Exercise instructions: The listing has to be given again in full and exactly.

Source data:
※ ※ ※
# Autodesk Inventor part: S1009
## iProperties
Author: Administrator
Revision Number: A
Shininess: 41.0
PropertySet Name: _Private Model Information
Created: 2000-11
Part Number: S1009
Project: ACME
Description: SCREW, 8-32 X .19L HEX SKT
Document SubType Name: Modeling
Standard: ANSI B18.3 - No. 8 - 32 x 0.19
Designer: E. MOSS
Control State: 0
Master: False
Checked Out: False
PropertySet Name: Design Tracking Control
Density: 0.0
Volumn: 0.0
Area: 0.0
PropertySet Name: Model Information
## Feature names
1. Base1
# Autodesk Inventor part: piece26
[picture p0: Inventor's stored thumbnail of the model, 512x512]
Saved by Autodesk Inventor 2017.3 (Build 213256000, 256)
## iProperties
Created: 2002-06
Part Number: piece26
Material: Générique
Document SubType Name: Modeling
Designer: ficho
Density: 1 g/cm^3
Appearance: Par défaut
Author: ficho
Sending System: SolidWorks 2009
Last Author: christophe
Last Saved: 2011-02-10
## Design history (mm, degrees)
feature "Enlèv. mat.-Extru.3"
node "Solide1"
※ ※ ※
Expected output:
# Autodesk Inventor part: S1009
## iProperties
Author: Administrator
Revision Number: A
Shininess: 41.0
PropertySet Name: _Private Model Information
Created: 2000-11
Part Number: S1009
Project: ACME
Description: SCREW, 8-32 X .19L HEX SKT
Document SubType Name: Modeling
Standard: ANSI B18.3 - No. 8 - 32 x 0.19
Designer: E. MOSS
Control State: 0
Master: False
Checked Out: False
PropertySet Name: Design Tracking Control
Density: 0.0
Volumn: 0.0
Area: 0.0
PropertySet Name: Model Information
## Feature names
1. Base1
# Autodesk Inventor part: piece26
[picture p0: Inventor's stored thumbnail of the model, 512x512]
Saved by Autodesk Inventor 2017.3 (Build 213256000, 256)
## iProperties
Created: 2002-06
Part Number: piece26
Material: Générique
Document SubType Name: Modeling
Designer: ficho
Density: 1 g/cm^3
Appearance: Par défaut
Author: ficho
Sending System: SolidWorks 2009
Last Author: christophe
Last Saved: 2011-02-10
## Design history (mm, degrees)
feature "Enlèv. mat.-Extru.3"
node "Solide1"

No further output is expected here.